TO DO -
Copy the lines below, beginning with the one that contains "msp.add_lwpolyline(points, dxfattribs=at)" and continuing through the final line, exactly as written and with no other lines.
===== SUPPLIED ENTRIES
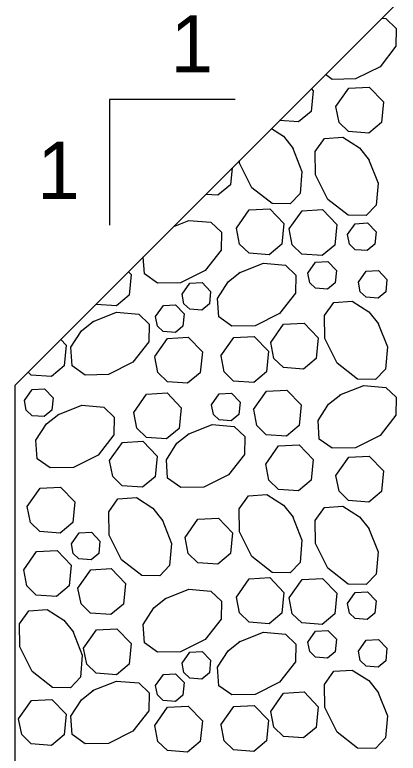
# Model space of a CAD drawing. Extents: x 638079 to 640019, y 297691 to 298879.
# Drawn here: x 639448.62 to 639468.71, y 298517.23 to 298555.89 of the extents above; entities that cross this region are included whole.
import ezdxf

# ---------------------------------------------------------------- set-up
doc = ezdxf.new("R2010")
doc.units = 0
doc.layers.add('1', color=7, linetype='Continuous')

msp = doc.modelspace()

# ---------------------------------------------------------------- linework, layer by layer
at = {"layer": '1'}
for p, q in [((639448.623, 298536.485), (639468.941, 298556.803)), ((639453.58, 298551.456), (639453.58, 298544.871)), ((639460.165, 298551.456), (639453.58, 298551.456)), ((639448.623, 298536.485), (639448.623, 298506.005))]:
    msp.add_line(p, q, dxfattribs=at)
for points in [[(639467.856, 298555.718), (639468.062, 298555.7), (639468.611, 298555.178), (639468.594, 298554.241), (639467.761, 298553.175), (639466.473, 298552.531), (639465.259, 298552.51), (639464.902, 298552.764)], [(639464.161, 298552.023), (639464.262, 298551.918), (639464.154, 298550.834), (639463.491, 298550.282), (639462.492, 298550.355)], [(639465.446, 298551.088), (639466.118, 298552.044), (639467.192, 298552.106), (639467.938, 298551.332), (639467.83, 298550.248), (639467.167, 298549.696), (639466.107, 298549.773), (639465.609, 298550.257), (639465.447, 298551.088)], [(639462.071, 298549.934), (639462.695, 298549.534), (639463.202, 298548.899)], [(639467.155, 298548.339), (639467.654, 298547.082), (639467.554, 298545.926), (639467.032, 298545.377), (639466.095, 298545.395), (639465.029, 298546.228), (639464.386, 298547.516), (639464.364, 298548.73), (639464.85, 298549.413), (639465.816, 298549.478), (639466.681, 298548.924), (639467.188, 298548.289)], [(639463.17, 298548.949), (639463.668, 298547.692), (639463.568, 298546.536), (639463.046, 298545.987), (639462.109, 298546.005), (639461.044, 298546.838), (639460.4, 298548.126), (639460.397, 298548.26)], [(639460.017, 298547.879), (639459.929, 298546.995), (639459.266, 298546.444), (639458.627, 298546.49)], [(639460.235, 298544.718), (639460.907, 298545.674), (639461.981, 298545.735), (639462.727, 298544.962), (639462.619, 298543.878), (639461.956, 298543.326), (639460.896, 298543.403), (639460.398, 298543.886), (639460.236, 298544.717)], [(639463.001, 298544.677), (639463.673, 298545.633), (639464.746, 298545.695), (639465.493, 298544.921), (639465.385, 298543.837), (639464.721, 298543.285), (639463.662, 298543.362), (639463.163, 298543.846), (639463.001, 298544.677)], [(639456.953, 298544.816), (639457.743, 298545.129), (639458.898, 298545.029), (639459.447, 298544.507), (639459.43, 298543.569), (639458.596, 298542.504), (639457.308, 298541.86), (639456.095, 298541.839), (639455.411, 298542.324), (639455.352, 298543.214)], [(639466.06, 298544.382), (639466.463, 298544.955), (639467.107, 298544.992), (639467.555, 298544.528), (639467.49, 298543.878), (639467.092, 298543.547), (639466.456, 298543.593), (639466.157, 298543.883), (639466.06, 298544.381)], [(639460.387, 298542.384), (639461.645, 298542.882), (639462.8, 298542.782), (639463.349, 298542.26), (639463.332, 298541.323), (639462.498, 298540.257), (639461.21, 298539.614), (639459.997, 298539.592), (639459.313, 298540.078), (639459.249, 298541.045), (639459.803, 298541.909), (639460.438, 298542.416)], [(639463.979, 298542.364), (639464.382, 298542.938), (639465.026, 298542.975), (639465.474, 298542.51), (639465.409, 298541.86), (639465.011, 298541.529), (639464.375, 298541.575), (639464.076, 298541.865), (639463.979, 298542.364)], [(639454.578, 298542.44), (639454.723, 298542.289), (639454.615, 298541.205), (639453.952, 298540.654), (639452.892, 298540.73), (639452.88, 298540.742)], [(639466.627, 298541.891), (639467.03, 298542.465), (639467.674, 298542.502), (639468.122, 298542.037), (639468.057, 298541.387), (639467.66, 298541.056), (639467.024, 298541.102), (639466.724, 298541.392), (639466.627, 298541.891)], [(639457.39, 298541.261), (639457.794, 298541.835), (639458.438, 298541.871), (639458.885, 298541.407), (639458.821, 298540.757), (639458.423, 298540.426), (639457.787, 298540.472), (639457.488, 298540.762), (639457.391, 298541.261)], [(639467.643, 298539.758), (639468.142, 298538.5), (639468.042, 298537.345), (639467.52, 298536.796), (639466.582, 298536.813), (639465.517, 298537.647), (639464.873, 298538.935), (639464.852, 298540.148), (639465.337, 298540.832), (639466.304, 298540.896), (639467.169, 298540.342), (639467.675, 298539.707)], [(639456.003, 298540.094), (639456.407, 298540.668), (639457.051, 298540.705), (639457.498, 298540.241), (639457.434, 298539.59), (639457.036, 298539.259), (639456.4, 298539.305), (639456.101, 298539.595), (639456.004, 298540.094)], [(639452.701, 298539.822), (639453.959, 298540.32), (639455.114, 298540.22), (639455.663, 298539.698), (639455.646, 298538.761), (639454.812, 298537.696), (639453.525, 298537.052), (639452.311, 298537.03), (639451.628, 298537.516), (639451.563, 298538.483), (639452.117, 298539.347), (639452.752, 298539.854)], [(639462.034, 298538.733), (639462.706, 298539.69), (639463.78, 298539.751), (639464.526, 298538.977), (639464.418, 298537.893), (639463.755, 298537.342), (639462.695, 298537.419), (639462.197, 298537.902), (639462.035, 298538.733)], [(639451.028, 298538.89), (639451.316, 298538.591), (639451.208, 298537.507), (639450.545, 298536.956), (639449.485, 298537.032), (639449.325, 298537.188)], [(639455.958, 298537.993), (639456.631, 298538.949), (639457.704, 298539.01), (639458.45, 298538.237), (639458.342, 298537.152), (639457.679, 298536.601), (639456.619, 298536.678), (639456.121, 298537.161), (639455.959, 298537.992)], [(639459.427, 298538.032), (639460.099, 298538.988), (639461.173, 298539.05), (639461.919, 298538.276), (639461.811, 298537.192), (639461.148, 298536.64), (639460.088, 298536.717), (639459.589, 298537.201), (639459.428, 298538.032)], [(639449.131, 298535.691), (639449.534, 298536.265), (639450.178, 298536.301), (639450.626, 298535.837), (639450.561, 298535.187), (639450.163, 298534.856), (639449.527, 298534.902), (639449.228, 298535.192), (639449.131, 298535.691)], [(639461.138, 298535.222), (639461.81, 298536.179), (639462.884, 298536.24), (639463.63, 298535.466), (639463.522, 298534.382), (639462.859, 298533.831), (639461.799, 298533.907), (639461.3, 298534.391), (639461.139, 298535.222)], [(639465.649, 298535.987), (639466.907, 298536.485), (639468.062, 298536.386), (639468.611, 298535.864), (639468.594, 298534.926), (639467.761, 298533.861), (639466.473, 298533.217), (639465.259, 298533.196), (639464.576, 298533.681), (639464.511, 298534.648), (639465.065, 298535.513), (639465.7, 298536.019)], [(639454.856, 298535.077), (639455.528, 298536.033), (639456.601, 298536.095), (639457.348, 298535.321), (639457.24, 298534.237), (639456.577, 298533.685), (639455.517, 298533.762), (639455.018, 298534.246), (639454.856, 298535.077)], [(639458.935, 298535.47), (639459.338, 298536.044), (639459.982, 298536.081), (639460.43, 298535.616), (639460.365, 298534.966), (639459.968, 298534.635), (639459.331, 298534.681), (639459.032, 298534.971), (639458.935, 298535.47)], [(639450.873, 298534.954), (639452.13, 298535.453), (639453.286, 298535.353), (639453.835, 298534.831), (639453.817, 298533.894), (639452.984, 298532.828), (639451.696, 298532.184), (639450.482, 298532.163), (639449.799, 298532.649), (639449.734, 298533.615), (639450.289, 298534.48), (639450.924, 298534.987)], [(639457.705, 298533.938), (639458.963, 298534.436), (639460.118, 298534.336), (639460.667, 298533.814), (639460.65, 298532.877), (639459.816, 298531.812), (639458.528, 298531.168), (639457.315, 298531.146), (639456.631, 298531.632), (639456.567, 298532.599), (639457.121, 298533.463), (639457.756, 298533.97)], [(639453.591, 298532.547), (639454.263, 298533.503), (639455.336, 298533.565), (639456.083, 298532.791), (639455.975, 298531.707), (639455.312, 298531.155), (639454.252, 298531.232), (639453.753, 298531.716), (639453.591, 298532.547)], [(639461.771, 298532.359), (639462.443, 298533.316), (639463.516, 298533.377), (639464.262, 298532.603), (639464.154, 298531.519), (639463.491, 298530.968), (639462.432, 298531.044), (639461.933, 298531.528), (639461.771, 298532.359)], [(639465.446, 298531.774), (639466.118, 298532.73), (639467.192, 298532.791), (639467.938, 298532.018), (639467.83, 298530.934), (639467.167, 298530.382), (639466.107, 298530.459), (639465.609, 298530.942), (639465.447, 298531.773)], [(639449.28, 298530.147), (639449.952, 298531.104), (639451.025, 298531.165), (639451.772, 298530.391), (639451.664, 298529.307), (639451.001, 298528.756), (639449.941, 298528.832), (639449.442, 298529.316), (639449.28, 298530.147)], [(639463.17, 298529.635), (639463.668, 298528.377), (639463.568, 298527.222), (639463.046, 298526.673), (639462.109, 298526.69), (639461.044, 298527.524), (639460.4, 298528.812), (639460.378, 298530.025), (639460.864, 298530.709), (639461.831, 298530.773), (639462.695, 298530.219), (639463.202, 298529.584)], [(639456.337, 298529.472), (639456.836, 298528.215), (639456.736, 298527.059), (639456.214, 298526.51), (639455.276, 298526.528), (639454.211, 298527.361), (639453.567, 298528.649), (639453.546, 298529.863), (639454.031, 298530.546), (639454.998, 298530.61), (639455.863, 298530.056), (639456.369, 298529.421)], [(639467.155, 298529.025), (639467.654, 298527.767), (639467.554, 298526.612), (639467.032, 298526.063), (639466.095, 298526.08), (639465.029, 298526.914), (639464.386, 298528.202), (639464.364, 298529.415), (639464.85, 298530.099), (639465.816, 298530.163), (639466.681, 298529.609), (639467.188, 298528.974)], [(639457.545, 298528.521), (639458.217, 298529.477), (639459.29, 298529.538), (639460.037, 298528.765), (639459.929, 298527.681), (639459.266, 298527.129), (639458.206, 298527.206), (639457.707, 298527.689), (639457.545, 298528.521)], [(639451.59, 298528.188), (639451.993, 298528.762), (639452.637, 298528.799), (639453.085, 298528.334), (639453.02, 298527.684), (639452.622, 298527.353), (639451.986, 298527.399), (639451.687, 298527.689), (639451.59, 298528.188)], [(639449.092, 298526.827), (639449.764, 298527.783), (639450.837, 298527.844), (639451.583, 298527.071), (639451.475, 298525.986), (639450.812, 298525.435), (639449.752, 298525.512), (639449.254, 298525.995), (639449.092, 298526.826)], [(639451.932, 298525.877), (639452.605, 298526.833), (639453.678, 298526.895), (639454.424, 298526.121), (639454.316, 298525.037), (639453.653, 298524.485), (639452.593, 298524.562), (639452.095, 298525.046), (639451.933, 298525.877)], [(639460.235, 298525.403), (639460.907, 298526.36), (639461.981, 298526.421), (639462.727, 298525.647), (639462.619, 298524.563), (639461.956, 298524.012), (639460.896, 298524.088), (639460.398, 298524.572), (639460.236, 298525.403)], [(639463.001, 298525.362), (639463.673, 298526.319), (639464.746, 298526.38), (639465.493, 298525.606), (639465.385, 298524.522), (639464.721, 298523.971), (639463.662, 298524.048), (639463.163, 298524.531), (639463.001, 298525.362)], [(639456.485, 298525.316), (639457.743, 298525.814), (639458.898, 298525.714), (639459.447, 298525.192), (639459.43, 298524.255), (639458.596, 298523.19), (639457.308, 298522.546), (639456.095, 298522.524), (639455.411, 298523.01), (639455.347, 298523.977), (639455.901, 298524.841), (639456.536, 298525.348)], [(639466.06, 298525.067), (639466.463, 298525.641), (639467.107, 298525.678), (639467.555, 298525.213), (639467.49, 298524.563), (639467.092, 298524.232), (639466.456, 298524.278), (639466.157, 298524.568), (639466.06, 298525.067)], [(639451.66, 298523.616), (639452.159, 298522.358), (639452.059, 298521.203), (639451.537, 298520.654), (639450.599, 298520.671), (639449.534, 298521.505), (639448.89, 298522.792), (639448.869, 298524.006), (639449.354, 298524.689), (639450.321, 298524.754), (639451.186, 298524.2), (639451.692, 298523.565)], [(639452.231, 298522.731), (639452.904, 298523.687), (639453.977, 298523.748), (639454.723, 298522.975), (639454.615, 298521.891), (639453.952, 298521.339), (639452.892, 298521.416), (639452.394, 298521.899), (639452.232, 298522.731)], [(639460.387, 298523.069), (639461.645, 298523.568), (639462.8, 298523.468), (639463.349, 298522.946), (639463.332, 298522.008), (639462.498, 298520.943), (639461.21, 298520.299), (639459.997, 298520.278), (639459.313, 298520.763), (639459.249, 298521.73), (639459.803, 298522.595), (639460.438, 298523.101)], [(639463.979, 298523.049), (639464.382, 298523.623), (639465.026, 298523.66), (639465.474, 298523.196), (639465.409, 298522.545), (639465.011, 298522.214), (639464.375, 298522.261), (639464.076, 298522.551), (639463.979, 298523.049)], [(639466.627, 298522.577), (639467.03, 298523.15), (639467.674, 298523.187), (639468.122, 298522.723), (639468.057, 298522.073), (639467.66, 298521.742), (639467.024, 298521.788), (639466.724, 298522.078), (639466.627, 298522.576)], [(639457.39, 298521.946), (639457.794, 298522.52), (639458.438, 298522.557), (639458.885, 298522.093), (639458.821, 298521.442), (639458.423, 298521.111), (639457.787, 298521.157), (639457.488, 298521.447), (639457.391, 298521.946)], [(639467.643, 298520.443), (639468.142, 298519.186), (639468.042, 298518.03), (639467.52, 298517.481), (639466.582, 298517.499), (639465.517, 298518.332), (639464.873, 298519.62), (639464.852, 298520.834), (639465.337, 298521.517), (639466.304, 298521.582), (639467.169, 298521.028), (639467.675, 298520.393)], [(639456.003, 298520.78), (639456.407, 298521.354), (639457.051, 298521.39), (639457.498, 298520.926), (639457.434, 298520.276), (639457.036, 298519.945), (639456.4, 298519.991), (639456.101, 298520.281), (639456.004, 298520.78)], [(639452.701, 298520.507), (639453.959, 298521.006), (639455.114, 298520.906), (639455.663, 298520.384), (639455.646, 298519.446), (639454.812, 298518.381), (639453.525, 298517.737), (639452.311, 298517.716), (639451.628, 298518.201), (639451.563, 298519.168), (639452.117, 298520.033), (639452.752, 298520.539)], [(639462.034, 298519.419), (639462.706, 298520.375), (639463.78, 298520.437), (639464.526, 298519.663), (639464.418, 298518.579), (639463.755, 298518.027), (639462.695, 298518.104), (639462.197, 298518.588), (639462.035, 298519.419)], [(639448.824, 298519.033), (639449.497, 298519.989), (639450.57, 298520.05), (639451.316, 298519.277), (639451.208, 298518.193), (639450.545, 298517.641), (639449.485, 298517.718), (639448.987, 298518.201), (639448.825, 298519.033)], [(639455.958, 298518.678), (639456.631, 298519.634), (639457.704, 298519.696), (639458.45, 298518.922), (639458.342, 298517.838), (639457.679, 298517.286), (639456.619, 298517.363), (639456.121, 298517.847), (639455.959, 298518.678)], [(639459.427, 298518.718), (639460.099, 298519.674), (639461.173, 298519.735), (639461.919, 298518.962), (639461.811, 298517.877), (639461.148, 298517.326), (639460.088, 298517.403), (639459.589, 298517.886), (639459.428, 298518.717)]]:
    msp.add_lwpolyline(points, dxfattribs=at)

# ---------------------------------------------------------------- texts
for p in [(639456.786, 298552.872), (639449.796, 298546.242)]:
    msp.add_text('1', height=3, dxfattribs=at).set_placement(p)

doc.saveas('drawing.dxf')
==========
TASK ANSWER -
    msp.add_lwpolyline(points, dxfattribs=at)

# ---------------------------------------------------------------- texts
for p in [(639456.786, 298552.872), (639449.796, 298546.242)]:
    msp.add_text('1', height=3, dxfattribs=at).set_placement(p)

doc.saveas('drawing.dxf')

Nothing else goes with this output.